How many lines in the records below hold the string "True"? Answer with the number alone.
====== Given information ======
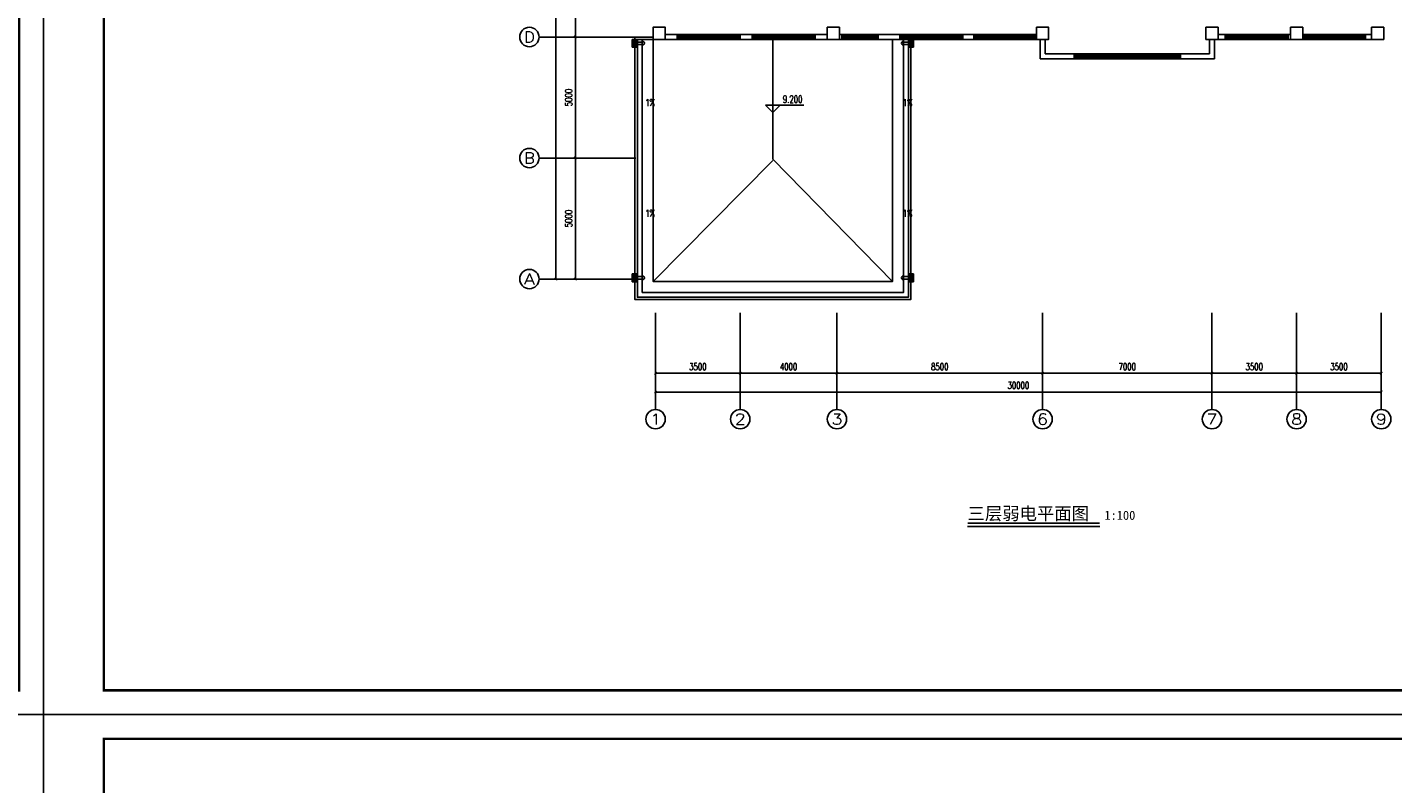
# Model space of a CAD drawing. Extents: x 427948 to 764348, y 274849 to 601549.
# Tile 117 of 212: x 679579 to 736021, y 390794 to 422043. Entities that reach past the tile are written whole.
import ezdxf
from ezdxf.enums import TextEntityAlignment as Align

# ---------------------------------------------------------------- set-up
doc = ezdxf.new("R2010")
doc.units = 0
doc.header["$LTSCALE"] = 1000
doc.header["$MEASUREMENT"] = 0
doc.layers.get('0').update_dxf_attribs({"linetype": 'CONTINUOUS'})
doc.layers.get('Defpoints').update_dxf_attribs({"linetype": 'CONTINUOUS'})
for name, color, linetype in [('AXIS', 3, 'CONTINUOUS'), ('AXIS_TEXT', 7, 'CONTINUOUS'), ('COLUMN', 9, 'CONTINUOUS'), ('DIM_ELEV', 3, 'CONTINUOUS'), ('DIM_SYMB', 3, 'CONTINUOUS'), ('PUB_DIM', 3, 'CONTINUOUS'), ('PUB_TEXT', 7, 'CONTINUOUS'), ('PUB_TITLE', 4, 'CONTINUOUS'), ('WALL', 2, 'CONTINUOUS'), ('WINDOW', 4, 'CONTINUOUS'), ('x细线', 135, 'CONTINUOUS'), ('水斗', 6, 'CONTINUOUS')]:
    doc.layers.add(name, color=color, linetype=linetype)
doc.styles.add('_TCH_AXIS', font='COMPLEX', dxfattribs={"bigfont": 'GBCBIG'})
doc.styles.add('_TCH_DIM', font='SIMPLEX', dxfattribs={"bigfont": 'GBCBIG'})
doc.styles.add('_TCH_DIM_T3', font='SIMPLEX', dxfattribs={"width": 0.705882, "bigfont": 'GBCBIG'})
doc.styles.add('COMPLEX', font='COMPLEX')
doc.styles.add('DIM_FONT', font='SIMPLEX.shx', dxfattribs={"width": 0.8})
doc.styles.add('黑体', font='simhei.ttf')
doc.dimstyles.new('_TCH_ARCH&&100', dxfattribs={"dimtxt": 297.5, "dimasz": 100, "dimexe": 250, "dimexo": 300, "dimgap": 126.25, "dimtad": 1, "dimdec": 0, "dimzin": 0, "dimdsep": 46, "dimtxsty": '_TCH_DIM_T3', "dimblk": 'ARCHTICK', "dimcen": 0.09, "dimclrt": 7, "dimazin": 2, "dimtfac": 1, "dimtdec": 0, "dimtix": 1, "dimtmove": 2, "dimatfit": 3, "dimfxl": 1, "dimtolj": 1, "dimtzin": 0, "dimarcsym": 0})

# ---------------------------------------------------------------- blocks, each defined once
blk = doc.blocks.new('24')
at = {"layer": 'PUB_TITLE', "linetype": 'Continuous'}
blk.add_lwpolyline([(-1193989, 144319), (-1109889, 144319), (-1109889, 203719), (-1193989, 203719)], close=True, dxfattribs=at)
at = {"layer": 'PUB_TITLE', "linetype": 'Continuous', "const_width": 100}
blk.add_lwpolyline([(-1191489, 145319), (-1110889, 145319), (-1110889, 202719), (-1191489, 202719)], close=True, dxfattribs=at)
blk = doc.blocks.new('_L1WAO')
for p, q in [((0, 180), (-320, 180)), ((-320, 180), (-320, 0)), ((-320, 0), (0, 0)), ((-224, 116), (-310, 170)), ((-10, 170), (-310, 170)), ((-310, 170), (-310, 10)), ((-310, 170), (-310, 170)), ((-224, 26), (-310, 10)), ((-310, 10), (-10, 10)), ((-310, 10), (-310, 10)), ((-96, 116), (-224, 116)), ((-224, 116), (-224, 26)), ((-224, 26), (-96, 26)), ((-96, 116), (-10, 170)), ((-96, 26), (-96, 116)), ((-96, 26), (-10, 10)), ((-10, 170), (-10, 170)), ((-10, 10), (-10, 170)), ((-10, 10), (-10, 10)), ((0, 0), (0, 180))]:
    blk.add_line(p, q)
at = {"style": 'DIM_FONT', "width": 0.8, "flags": 9}
for tag in ['XSIZE', 'YSIZE']:
    blk.add_attdef(tag, (0, 0), '', height=0.5, dxfattribs=at)
blk = doc.blocks.new('xcdsf')
at = {"layer": '水斗'}
for p, q in [((151845, -1119066), (151845, -1119386)), ((151856, -1119077), (151856, -1119376)), ((151915, -1119162), (151915, -1119290)), ((152265, -1119175), (152045, -1119175)), ((152245, -1119175), (152065, -1119175)), ((152265, -1119177), (152265, -1119277)), ((151845, -1119386), (152045, -1119386)), ((151915, -1119290), (151856, -1119376)), ((151856, -1119376), (152033, -1119376)), ((151856, -1119376), (151856, -1119376)), ((151915, -1119290), (152015, -1119290)), ((152265, -1119275), (152045, -1119275)), ((152245, -1119275), (152065, -1119275))]:
    blk.add_line(p, q, dxfattribs=at)
at = {"layer": '水斗', "extrusion": (0, 0, -1)}
blk.add_ellipse((152265, -1119227), major_axis=(86.9, 0), ratio=0.900657, start_param=4.712389, end_param=7.853982, dxfattribs=at)
at = {"layer": '水斗', "yscale": 1.110299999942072, "rotation": 90}
blk.add_blockref('_L1WAO', (152045, -1119066), dxfattribs=at)
blk = doc.blocks.new('_ArchTick')
at = {"color": 0, "linetype": 'ByBlock', "const_width": 0.4}
blk.add_lwpolyline([(-0.5, -0.5), (0.5, 0.5)], dxfattribs=at)
blk = doc.blocks.new('*D101')
at = {"layer": 'AXIS', "color": 0, "lineweight": -2}
for p, q in [((704434, 416643), (701984, 416643)), ((702234, 411643), (702234, 416643)), ((704434, 411643), (701984, 411643))]:
    blk.add_line(p, q, dxfattribs=at)
at = {"layer": 'Defpoints', "color": 0}
for p in [(702234, 416643), (704734, 416643), (704734, 411643)]:
    blk.add_point(p, dxfattribs=at)
at = {"layer": 'AXIS', "color": 0, "lineweight": -2, "xscale": 100, "yscale": 100, "zscale": 100}
for p, rotation in [((702234, 416643), 90), ((702234, 411643), 270)]:
    blk.add_blockref('_ArchTick', p, dxfattribs=dict(at, rotation=rotation))
at = {"layer": 'AXIS', "color": 7, "insert": (701959, 414143), "char_height": 297.5, "attachment_point": 5, "rotation": 90, "style": '_TCH_DIM_T3'}
blk.add_mtext('\\A1;5000', dxfattribs=at)
blk = doc.blocks.new('*D102')
at = {"layer": 'AXIS', "color": 0, "lineweight": -2}
for p, q in [((704434, 421643), (701984, 421643)), ((702234, 416643), (702234, 421643)), ((704434, 416643), (701984, 416643))]:
    blk.add_line(p, q, dxfattribs=at)
at = {"layer": 'Defpoints', "color": 0}
for p in [(702234, 421643), (704734, 421643), (704734, 416643)]:
    blk.add_point(p, dxfattribs=at)
at = {"layer": 'AXIS', "color": 0, "lineweight": -2, "xscale": 100, "yscale": 100, "zscale": 100}
for p, rotation in [((702234, 421643), 90), ((702234, 416643), 270)]:
    blk.add_blockref('_ArchTick', p, dxfattribs=dict(at, rotation=rotation))
at = {"layer": 'AXIS', "color": 7, "insert": (701959, 419143), "char_height": 297.5, "attachment_point": 5, "rotation": 90, "style": '_TCH_DIM_T3'}
blk.add_mtext('\\A1;5000', dxfattribs=at)
blk = doc.blocks.new('*D103')
at = {"layer": 'AXIS', "color": 0, "lineweight": -2}
for p, q in [((704434, 429143), (701984, 429143)), ((702234, 421643), (702234, 429143)), ((704434, 421643), (701984, 421643))]:
    blk.add_line(p, q, dxfattribs=at)
at = {"layer": 'Defpoints', "color": 0}
for p in [(702234, 429143), (704734, 429143), (704734, 421643)]:
    blk.add_point(p, dxfattribs=at)
at = {"layer": 'AXIS', "color": 0, "lineweight": -2, "xscale": 100, "yscale": 100, "zscale": 100}
for p, rotation in [((702234, 429143), 90), ((702234, 421643), 270)]:
    blk.add_blockref('_ArchTick', p, dxfattribs=dict(at, rotation=rotation))
at = {"layer": 'AXIS', "color": 7, "insert": (701959, 425393), "char_height": 297.5, "attachment_point": 5, "rotation": 90, "style": '_TCH_DIM_T3'}
blk.add_mtext('\\A1;7500', dxfattribs=at)
blk = doc.blocks.new('*D106')
at = {"layer": 'AXIS', "color": 0, "lineweight": -2}
for p, q in [((704434, 438843), (701184, 438843)), ((701434, 411643), (701434, 438843)), ((704434, 411643), (701184, 411643))]:
    blk.add_line(p, q, dxfattribs=at)
at = {"layer": 'Defpoints', "color": 0}
for p in [(701434, 438843), (704734, 438843), (704734, 411643)]:
    blk.add_point(p, dxfattribs=at)
at = {"layer": 'AXIS', "color": 0, "lineweight": -2, "xscale": 100, "yscale": 100, "zscale": 100}
for p, rotation in [((701434, 438843), 90), ((701434, 411643), 270)]:
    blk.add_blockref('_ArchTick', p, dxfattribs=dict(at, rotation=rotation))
======
* _Exercise answer_
2